4 Replies to “Software Architects are Irrelevant”

  1. I agree that in software development architecture should emerge and continuous refactoring should be done even after the high-level architecture has been defined. But don’t you think at least a high level architecture up to DB Schema and Class level should at least be defined so that everyone involved know the high-level picture of the system?

    1. Hi Joshua. Thank you for your feedback.

      It may sound like crazy-talk but no.
      I don’t care about the database details.
      As a developer I only care about building my module in isolation of everything else.
      After I can prove that my code works via having a unit test per requirement and code analysis (including code coverage), I can then entertain external dependencies (i.e. SQL Server) with more information about the business and streaming requirement updates that the business never considered until a demo was put in front of them early in the development stage instead of later.

      1. If it is a single team building the application I guess it makes sense to not define the DB Schema, but what if you are working with multiple teams? How would each team know how to integrate their work if high-level architecture is not defined. If you are focused with your module in isolation, how do you know that what you’re doing is not redundant with other teams?

    2. Hi Joshua.
      You raise valid points.

      I don’t think teams should be as concerned with integration. Instead, I think they should put more focus on isolating their respective modules from external dependencies. I think architectures are more flexible when modules are completely ignorant about other systems. Hence, a message bus supports this type of flexibility. In this case, external messages come into the module for processing and a module can publish messages for the outside world to respond to.
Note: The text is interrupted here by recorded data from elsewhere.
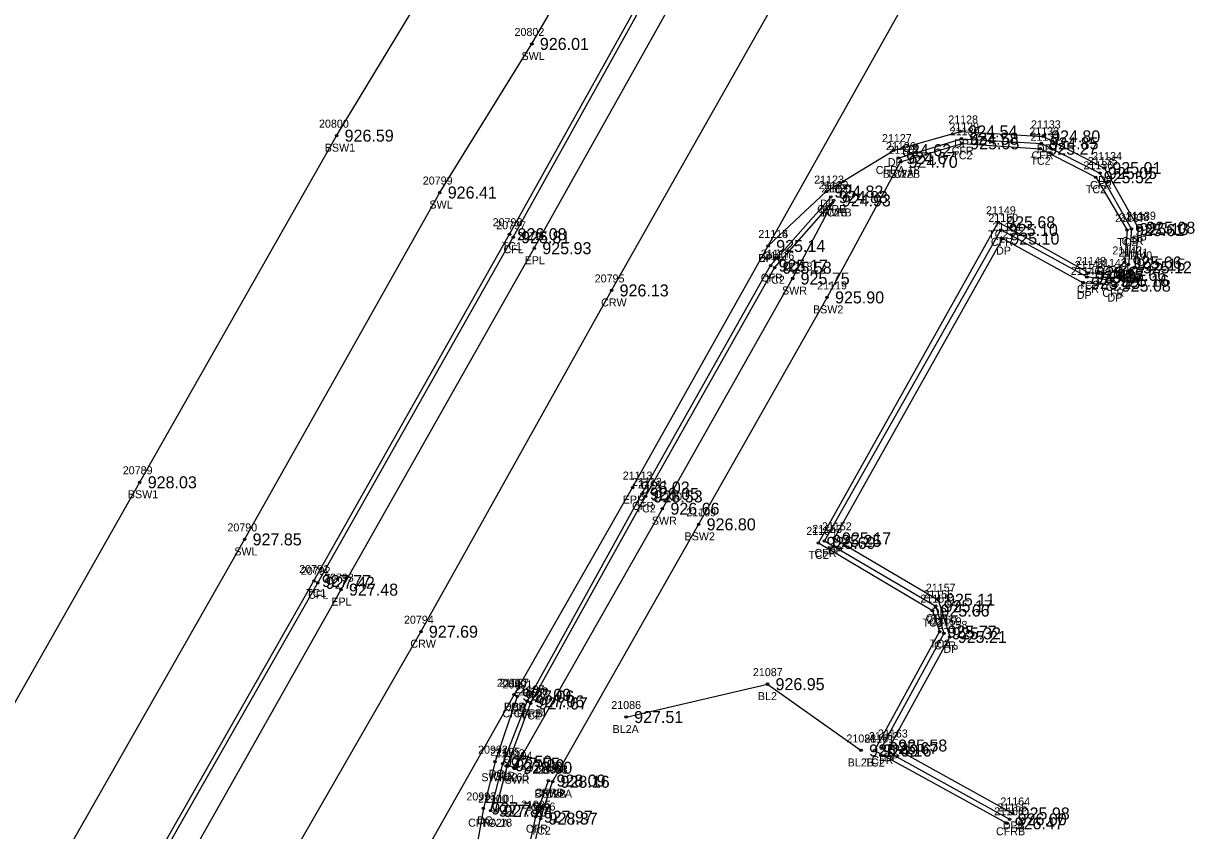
# Model space of a CAD drawing. Extents: x 1576181 to 1577685, y 1099396 to 1101490.
# Drawn here: x 1576724.5 to 1576872.4, y 1100179 to 1100279.9 of the extents above; entities that cross this region are included whole.
import ezdxf

# ---------------------------------------------------------------- set-up
doc = ezdxf.new("R2010")
doc.units = 0
for name, color, linetype in [('RD_DTM_BkLn1', 7, 'Continuous'), ('RD_DTM_BkLn2', 7, 'Continuous'), ('RD_DTM_BkLn_txCode', 7, 'Continuous'), ('RD_EX_Conc', 7, 'Continuous'), ('RD_EX_Conc_txCode', 7, 'Continuous'), ('RD_EX_Driveway', 7, 'Continuous'), ('RD_EX_Driveway_txCode', 7, 'Continuous'), ('RD_EX_Road', 7, 'Continuous'), ('RD_EX_Road_txCode', 7, 'Continuous'), ('RD_EX_TX_Conc_ELEV', 7, 'Continuous'), ('RD_EX_TX_Driveway_ELEV', 7, 'Continuous'), ('RD_EX_TX_Misc_ELEV', 7, 'Continuous'), ('RD_EX_TX_Road_ELEV', 7, 'Continuous'), ('RD_HC_Survey_ELEV', 7, 'Continuous'), ('RD_HC_Survey_txCode', 7, 'Continuous'), ('RD_SMD_Locator', 7, 'Continuous')]:
    doc.layers.add(name, color=color, linetype=linetype)

msp = doc.modelspace()

# ---------------------------------------------------------------- linework, layer by layer
at = {"layer": 'RD_DTM_BkLn1'}
for points in [[(1576435.96, 1099635.47), (1576469.98, 1099685.91), (1576496.51, 1099728.46), (1576522.67, 1099770.85), (1576549.06, 1099813.4), (1576563.36, 1099837.2), (1576575.09, 1099855.95), (1576600.75, 1099898.96), (1576625.57, 1099942.14), (1576652.37, 1099988.91), (1576675.03, 1100029.12), (1576699.51, 1100072.44), (1576723.52, 1100115.7), (1576748.08, 1100158.53), (1576774.13, 1100203.85), (1576797.97, 1100246.52), (1576822.46, 1100289.82), (1576846.93, 1100333.35), (1576871.37, 1100376.46), (1576888.27, 1100406.22)], [(1576799.79, 1100193.18), (1576817.46, 1100197.29), (1576829.16, 1100189)]]:
    msp.add_lwpolyline(points, dxfattribs=at)
at = {"layer": 'RD_DTM_BkLn2'}
for points in [[(1576569.71, 1099889.13), (1576574.56, 1099891.34), (1576579.27, 1099894.47), (1576584.19, 1099899.55), (1576592.25, 1099913.59), (1576612.84, 1099949.87), (1576637.54, 1099993.05), (1576637.54, 1099993.05), (1576662.19, 1100036.34), (1576686.67, 1100079.69), (1576711.46, 1100123.12), (1576735.92, 1100166.59), (1576760.76, 1100210.19), (1576785.21, 1100253.55), (1576809.13, 1100296.43), (1576833.85, 1100340.61), (1576852.06, 1100373.52), (1576858.66, 1100385.37)], [(1576834.09, 1100262.6), (1576841.79, 1100264.91), (1576851.56, 1100264.23), (1576858.48, 1100260.67), (1576862.4, 1100254.06), (1576862.08, 1100250.02), (1576860.15, 1100248.47), (1576857.56, 1100248.71), (1576846.29, 1100255.04), (1576823.82, 1100214.95), (1576838.08, 1100206.49), (1576838.96, 1100203.86), (1576830.82, 1100188.99), (1576847.35, 1100179.89)], [(1576783.46, 1100181.45), (1576784.94, 1100187.15), (1576787.85, 1100194.88), (1576802.21, 1100220.76), (1576818.34, 1100249.36), (1576825.74, 1100257.77)], [(1576787.7, 1100170.21), (1576787.99, 1100175.73), (1576789.09, 1100180.48), (1576790.59, 1100185.09)]]:
    msp.add_lwpolyline(points, dxfattribs=at)
at = {"layer": 'RD_EX_Conc'}
for points in [[(1576537.53, 1099904.47), (1576543.86, 1099909.52), (1576562.16, 1099910.99), (1576591.51, 1099962.44), (1576615.66, 1100005.02), (1576615.66, 1100005.02), (1576639.95, 1100047.65), (1576665.61, 1100092.87), (1576689.57, 1100135.17), (1576714.68, 1100179.66), (1576738.99, 1100222.53), (1576763.6, 1100265.87), (1576774.84, 1100284.48), (1576788.69, 1100308.17), (1576806.14, 1100353.34), (1576815.02, 1100384.28), (1576820.35, 1100399.92), (1576825.22, 1100406.93), (1576832.15, 1100418.17), (1576835.04, 1100423.11), (1576847.13, 1100416.35), (1576868.44, 1100408.23), (1576872.09, 1100412.69)], [(1576592.25, 1099913.59), (1576580.2, 1099912.49), (1576604.17, 1099954.86), (1576628.85, 1099997.89), (1576628.85, 1099997.89), (1576652.81, 1100040.47), (1576678.28, 1100085.17), (1576702.19, 1100127.32), (1576727.43, 1100172.04), (1576752.1, 1100215.39), (1576776.49, 1100258.76), (1576788, 1100277.34), (1576801.96, 1100301.42), (1576820.18, 1100348.3), (1576829.19, 1100379.59), (1576833.87, 1100393.41), (1576838.32, 1100402.43), (1576861.82, 1100391.11)], [(1576569.87, 1099888.69), (1576574.84, 1099890.86), (1576574.84, 1099890.86), (1576579.65, 1099894.15), (1576584.72, 1099899.29), (1576592.68, 1099913.3), (1576613.45, 1099949.72), (1576638.02, 1099992.78), (1576638.02, 1099992.78), (1576662.6, 1100036.05), (1576687.14, 1100079.44), (1576711.91, 1100122.93), (1576736.42, 1100166.35), (1576761.24, 1100209.96), (1576785.67, 1100253.17), (1576809.57, 1100296.25), (1576834.31, 1100340.56), (1576852.46, 1100373.22), (1576852.46, 1100373.22), (1576859.24, 1100385.1)], [(1576833.8, 1100263.07), (1576841.69, 1100265.49), (1576851.69, 1100264.91), (1576859, 1100261.2), (1576862.95, 1100254.19), (1576862.57, 1100249.76), (1576860.52, 1100247.72), (1576857.37, 1100248.21), (1576846.61, 1100254.09), (1576824.56, 1100215.2), (1576838.48, 1100207.04), (1576839.5, 1100203.64), (1576831.67, 1100189.29), (1576847.72, 1100180.39)], [(1576790.59, 1100185.09), (1576808.85, 1100217.27), (1576824.9, 1100245.65), (1576834.09, 1100262.6)], [(1576782.86, 1100181.47), (1576784.37, 1100187.33), (1576787.42, 1100195.14), (1576787.42, 1100195.14), (1576801.76, 1100221.08), (1576817.85, 1100249.62), (1576825.37, 1100258.19)], [(1576784.94, 1100187.15), (1576785.91, 1100186.84), (1576804.32, 1100219.23), (1576820.59, 1100248.01), (1576825.74, 1100257.77)], [(1576785.78, 1100195.96), (1576786.17, 1100195.75), (1576783.4, 1100187.6), (1576781.94, 1100181.75), (1576781.06, 1100176.61), (1576780.68, 1100170.53), (1576780.65, 1100154.57), (1576781.71, 1100148.92), (1576783.02, 1100145.98), (1576783.87, 1100143), (1576785.93, 1100140.68), (1576788.65, 1100139.28), (1576796.67, 1100133.29), (1576804.55, 1100128.57), (1576819.43, 1100122.6)], [(1576787.28, 1100170.17), (1576787.42, 1100175.79), (1576788.49, 1100180.72), (1576790.08, 1100185.23)]]:
    msp.add_lwpolyline(points, dxfattribs=at)
at = {"layer": 'RD_EX_Driveway'}
msp.add_lwpolyline([(1576817.54, 1100252.08), (1576824.8, 1100258.88), (1576833.27, 1100264.06), (1576841.56, 1100266.4), (1576851.91, 1100265.78), (1576859.56, 1100261.82), (1576863.79, 1100254.36), (1576863.37, 1100249.4), (1576860.73, 1100247.12), (1576856.89, 1100247.45), (1576846.81, 1100253), (1576825.77, 1100215.52), (1576838.77, 1100207.85), (1576840.24, 1100203.2), (1576832.79, 1100189.62), (1576848.1, 1100181.12)], dxfattribs=at)
at = {"layer": 'RD_EX_Road'}
for points in [[(1576574.84, 1099890.86), (1576581.17, 1099887.16), (1576595.39, 1099911.97), (1576615.87, 1099948.17), (1576640.56, 1099991.4), (1576640.56, 1099991.4), (1576664.88, 1100034.19), (1576689.84, 1100078.06), (1576714.22, 1100121.19), (1576739.08, 1100164.66), (1576764.15, 1100209.11), (1576788.31, 1100251.8), (1576812.15, 1100294.46), (1576837.06, 1100339.37), (1576855.38, 1100371.53), (1576853.98, 1100372.48), (1576862.98, 1100388.86), (1576865.16, 1100391.95), (1576873.15, 1100402.8), (1576877.45, 1100410.32)], [(1576663.31, 1099979.53), (1576687.43, 1100021.53), (1576712.03, 1100065.1), (1576738.42, 1100112.14), (1576760.61, 1100151.41), (1576785.78, 1100195.96), (1576800.59, 1100221.87), (1576817.54, 1100252.08), (1576858.25, 1100324.63), (1576880.45, 1100364.01), (1576883.5, 1100369.45), (1576896.98, 1100397.71)]]:
    msp.add_lwpolyline(points, dxfattribs=at)
at = {"layer": 'RD_SMD_Locator'}
for centre in [(1576788, 1100277.34), (1576763.6, 1100265.87), (1576841.56, 1100266.4), (1576841.69, 1100265.49), (1576851.91, 1100265.78), (1576833.27, 1100264.06), (1576841.79, 1100264.91), (1576851.56, 1100264.23), (1576851.69, 1100264.91), (1576833.8, 1100263.07), (1576834.09, 1100262.6), (1576834.09, 1100262.6), (1576858.48, 1100260.67), (1576859, 1100261.2), (1576859.56, 1100261.82), (1576776.49, 1100258.76), (1576824.8, 1100258.88), (1576825.37, 1100258.19), (1576825.74, 1100257.77), (1576825.74, 1100257.77), (1576846.29, 1100255.04), (1576785.21, 1100253.55), (1576785.67, 1100253.17), (1576846.61, 1100254.09), (1576862.4, 1100254.06), (1576862.95, 1100254.19), (1576863.79, 1100254.36), (1576788.31, 1100251.8), (1576817.54, 1100252.08), (1576817.54, 1100252.08), (1576846.81, 1100253), (1576817.85, 1100249.62), (1576818.34, 1100249.36), (1576857.56, 1100248.71), (1576862.08, 1100250.02), (1576862.57, 1100249.76), (1576863.37, 1100249.4), (1576820.59, 1100248.01), (1576856.89, 1100247.45), (1576857.37, 1100248.21), (1576860.15, 1100248.47), (1576860.52, 1100247.72), (1576797.97, 1100246.52), (1576860.73, 1100247.12), (1576824.9, 1100245.65), (1576738.99, 1100222.53), (1576800.59, 1100221.87), (1576801.76, 1100221.08), (1576802.21, 1100220.76), (1576804.32, 1100219.23), (1576808.85, 1100217.27), (1576752.1, 1100215.39), (1576823.82, 1100214.95), (1576824.56, 1100215.2), (1576825.77, 1100215.52), (1576760.76, 1100210.19), (1576761.24, 1100209.96), (1576764.15, 1100209.11), (1576838.77, 1100207.85), (1576838.08, 1100206.49), (1576838.48, 1100207.04), (1576774.13, 1100203.85), (1576838.96, 1100203.86), (1576839.5, 1100203.64), (1576840.24, 1100203.2), (1576817.46, 1100197.29), (1576785.78, 1100195.96), (1576785.78, 1100195.96), (1576786.17, 1100195.75), (1576787.42, 1100195.14), (1576787.42, 1100195.14), (1576787.85, 1100194.88), (1576799.79, 1100193.18), (1576832.79, 1100189.62), (1576829.16, 1100189), (1576830.82, 1100188.99), (1576831.67, 1100189.29), (1576783.4, 1100187.6), (1576784.37, 1100187.33), (1576784.94, 1100187.15), (1576784.94, 1100187.15), (1576785.91, 1100186.84), (1576790.08, 1100185.23), (1576790.59, 1100185.09), (1576790.59, 1100185.09), (1576781.94, 1100181.75), (1576782.86, 1100181.47), (1576783.46, 1100181.45), (1576788.49, 1100180.72), (1576848.1, 1100181.12), (1576789.09, 1100180.48), (1576847.35, 1100179.89), (1576847.72, 1100180.39)]:
    msp.add_circle(centre, 0.15, dxfattribs=at)

# ---------------------------------------------------------------- texts
at = {"layer": 'RD_DTM_BkLn_txCode'}
for s, p in [('21087', (1576815.63, 1100198.29)), ('BL2', (1576816.26, 1100195.29)), ('21086', (1576797.93, 1100194.18)), ('BL2A', (1576798.09, 1100191.18)), ('21088', (1576827.32, 1100190)), ('BL2B', (1576827.48, 1100187))]:
    msp.add_text(s, height=1, dxfattribs=at).set_placement(p)
at = {"layer": 'RD_EX_Conc_txCode'}
for s, p in [('20802', (1576785.84, 1100278.34)), ('SWL', (1576786.71, 1100275.34)), ('20800', (1576761.4, 1100266.87)), ('21129', (1576840.18, 1100266.49)), ('21130', (1576840.24, 1100265.91)), ('21132', (1576850.18, 1100265.91)), ('21131', (1576850.33, 1100265.23)), ('BSW1', (1576762.12, 1100263.87)), ('21126', (1576832.26, 1100264.07)), ('21124', (1576832.57, 1100263.6)), ('21125', (1576832.57, 1100263.6)), ('CFR', (1576840.47, 1100263.49)), ('TC2', (1576840.55, 1100262.91)), ('CFR', (1576850.46, 1100262.91)), ('TC2', (1576850.32, 1100262.23)), ('21136', (1576856.95, 1100261.67)), ('21135', (1576857.49, 1100262.2)), ('20799', (1576774.37, 1100259.76)), ('CFRA 18', (1576830.98, 1100261.07)), ('BSW2B', (1576831.85, 1100260.6)), ('TC2A', (1576832.35, 1100260.6)), ('21122', (1576823.86, 1100259.19)), ('21120', (1576824.19, 1100258.77)), ('21121', (1576824.51, 1100258.77)), ('TC2', (1576857.24, 1100258.67)), ('CFR', (1576857.77, 1100259.2)), ('SWL', (1576775.2, 1100256.76)), ('CFRB', (1576823.67, 1100256.19)), ('SWRB', (1576823.96, 1100255.77)), ('TC2B', (1576824.03, 1100255.77)), ('21149', (1576844.77, 1100256.04)), ('20798', (1576783.1, 1100254.55)), ('20797', (1576783.55, 1100254.17)), ('21150', (1576845.06, 1100255.09)), ('21137', (1576860.89, 1100255.06)), ('21138', (1576861.44, 1100255.19)), ('TC2', (1576845.04, 1100253.04)), ('TC1', (1576784.25, 1100251.55)), ('CFL', (1576784.46, 1100251.17)), ('CFR', (1576845.38, 1100252.09)), ('21142', (1576860.56, 1100251.02)), ('TC2', (1576861.16, 1100252.06)), ('CFR', (1576861.72, 1100252.19)), ('21117', (1576816.62, 1100250.62)), ('21116', (1576817.08, 1100250.36)), ('21148', (1576856.05, 1100249.71)), ('21143', (1576858.64, 1100249.47)), ('21141', (1576861.34, 1100250.76)), ('21118', (1576819.36, 1100249.01)), ('21147', (1576855.86, 1100249.21)), ('21144', (1576859.01, 1100248.72)), ('TC2', (1576860.83, 1100248.02)), ('CFR', (1576816.62, 1100247.62)), ('TC2', (1576817.09, 1100247.36)), ('21119', (1576823.67, 1100246.65)), ('TC2', (1576856.32, 1100246.71)), ('TC2', (1576858.9, 1100246.47)), ('CFR', (1576861.34, 1100247.76)), ('SWR', (1576819.27, 1100246.01)), ('CFR', (1576856.14, 1100246.21)), ('CFR', (1576859.3, 1100245.72)), ('BSW2', (1576823.14, 1100243.65)), ('20789', (1576736.87, 1100223.53)), ('21112', (1576800.53, 1100222.08)), ('21111', (1576801.26, 1100221.76)), ('BSW1', (1576737.51, 1100220.53)), ('21110', (1576803.05, 1100220.23)), ('CFR', (1576800.53, 1100219.08)), ('TC2', (1576800.96, 1100218.76)), ('21109', (1576807.3, 1100218.27)), ('SWR', (1576803, 1100217.23)), ('20790', (1576749.95, 1100216.39)), ('BSW2', (1576807.09, 1100215.27)), ('21154', (1576822.31, 1100215.95)), ('21153', (1576823.05, 1100216.2)), ('SWL', (1576750.81, 1100213.39)), ('TC2', (1576822.58, 1100212.95)), ('CFR', (1576823.33, 1100213.2)), ('20791', (1576758.92, 1100211.19)), ('20792', (1576759.12, 1100210.96)), ('TC1', (1576759.79, 1100208.19)), ('CFL', (1576760.04, 1100207.96)), ('21156', (1576836.95, 1100208.04)), ('21155', (1576836.57, 1100207.49)), ('CFR', (1576837.25, 1100205.04)), ('TC2', (1576836.83, 1100204.49)), ('21160', (1576837.39, 1100204.86)), ('21159', (1576837.99, 1100204.64)), ('TC2', (1576837.72, 1100201.86)), ('CFR', (1576838.27, 1100201.64)), ('20990', (1576783.62, 1100196.96)), ('20991', (1576784.34, 1100196.75)), ('21106', (1576785.85, 1100196.14)), ('21107', (1576785.87, 1100196.14)), ('21108', (1576786.3, 1100195.88)), ('CFRA 24', (1576784.32, 1100193.14)), ('DCA', (1576784.51, 1100193.96)), ('DC', (1576785.39, 1100193.75)), ('CFRB', (1576785.72, 1100193.14)), ('TC2', (1576786.61, 1100192.88)), ('21162', (1576830.13, 1100190.29)), ('21161', (1576829.57, 1100189.99)), ('20992', (1576781.28, 1100188.6)), ('21105', (1576782.82, 1100188.33)), ('21102', (1576783.39, 1100188.15)), ('21103', (1576783.39, 1100188.15)), ('21104', (1576784.36, 1100187.84)), ('CFR', (1576830.44, 1100187.29)), ('21099', (1576788.24, 1100186.23)), ('21097', (1576788.76, 1100186.09)), ('21098', (1576788.76, 1100186.09)), ('TC2', (1576829.58, 1100186.99)), ('SWRA 60', (1576781.69, 1100185.15)), ('DC', (1576782.62, 1100185.6)), ('CFR', (1576783.15, 1100185.33)), ('TC2', (1576783.69, 1100185.15)), ('SWR', (1576784.6, 1100184.84)), ('20993', (1576779.82, 1100182.75)), ('CFRB', (1576788.37, 1100183.23)), ('BSW2A', (1576788.34, 1100183.09)), ('TC2B', (1576788.88, 1100183.09)), ('21100', (1576781.27, 1100182.47)), ('21101', (1576782.19, 1100182.45)), ('21095', (1576786.65, 1100181.72)), ('21096', (1576787.23, 1100181.48)), ('21165', (1576846.19, 1100181.39)), ('21166', (1576845.79, 1100180.89)), ('CFRA 18', (1576780.04, 1100179.47)), ('DC', (1576781.16, 1100179.75)), ('TC2A', (1576781.73, 1100179.45)), ('CFR', (1576787.26, 1100178.72)), ('TC2', (1576787.84, 1100178.48)), ('CFRB', (1576846.02, 1100178.39))]:
    msp.add_text(s, height=1, dxfattribs=at).set_placement(p)
at = {"layer": 'RD_EX_Driveway_txCode'}
for s, p in [('21128', (1576840.05, 1100267.4)), ('21133', (1576850.39, 1100266.78)), ('21127', (1576831.76, 1100265.06)), ('DP', (1576840.78, 1100264.4)), ('DP', (1576851.13, 1100263.78)), ('21134', (1576858.04, 1100262.82)), ('DP', (1576832.49, 1100262.06)), ('21123', (1576823.29, 1100259.88)), ('DP', (1576858.78, 1100259.82)), ('DP', (1576824.02, 1100256.88)), ('21139', (1576862.28, 1100255.36)), ('21151', (1576845.58, 1100254)), ('21115', (1576816.31, 1100253.08)), ('DP', (1576863.01, 1100252.36)), ('DP', (1576846.03, 1100251)), ('DPA', (1576816.28, 1100250.08)), ('21140', (1576861.82, 1100250.4)), ('21146', (1576855.36, 1100248.45)), ('21145', (1576859.21, 1100248.12)), ('DP', (1576862.59, 1100247.4)), ('DP', (1576856.11, 1100245.45)), ('DP', (1576859.95, 1100245.12)), ('21152', (1576824.26, 1100216.52)), ('DP', (1576824.99, 1100213.52)), ('21157', (1576837.25, 1100208.85)), ('DP', (1576837.99, 1100205.85)), ('21158', (1576838.72, 1100204.2)), ('DP', (1576839.46, 1100201.2)), ('21163', (1576831.26, 1100190.62)), ('DP', (1576832.01, 1100187.62)), ('21164', (1576846.56, 1100182.12)), ('DPB', (1576846.85, 1100179.12))]:
    msp.add_text(s, height=1, dxfattribs=at).set_placement(p)
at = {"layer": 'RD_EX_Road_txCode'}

      In regards to duplication of work, I think Scrum or some type of status reporting system could be useful for identifying duplicated tasks across teams. I can see where an “architect” could have value for that particular scenario. I’m not sure what else though. Is that all an architect is useful for?

      One architect responded to me via email with the following:

      “Your post was pretty interesting and I definitely buy into some of what you said. The role of architect as played out in the previous couple decades, where everything is designed up front, is definitely irrelevant now. However, for complex projects an architect that can work effectively as part of an agile development process is definitely relevant today. Complex projects can involve various technologies, several teams and even multiple companies. Depending on the context, the IT Manager or CTO may not know enough about all the technologies involved to make the important decisions and design the structures that make up the architecture.

      If one developer does everything for a complex project in a startup or small company environment, chances are that developer is spending a lot of time making architectural decisions – I’ve been there. If that project is successful then that developer is probably very talented as a developer and an architect, among other roles. If you have this type of project and you have a multi-talented developer who can also play architect, then you don’t need another architect. In this context, you could say an architect is irrelevant or unnecessary. Most developers aren’t at that top level as developers, much less as architects, hence the need for someone to fill the architect role, either part-time or full-time, depending on the project and the context. At a small company, if you don’t have a top level developer who can also play architect, then the CTO should step into the role of architect as you mentioned or things will not turn out well.

      For development of a complex project at a large, established company, doing so without one or more architects isn’t a consideration. One person can’t possibly understand all the technologies involved, the various areas of the business and all the dependencies between all those business areas. In this type of environment you will likely have several architects involved in a project.

      So, I think that architects are still relevant today, but just in a very different way from the past couple decades.”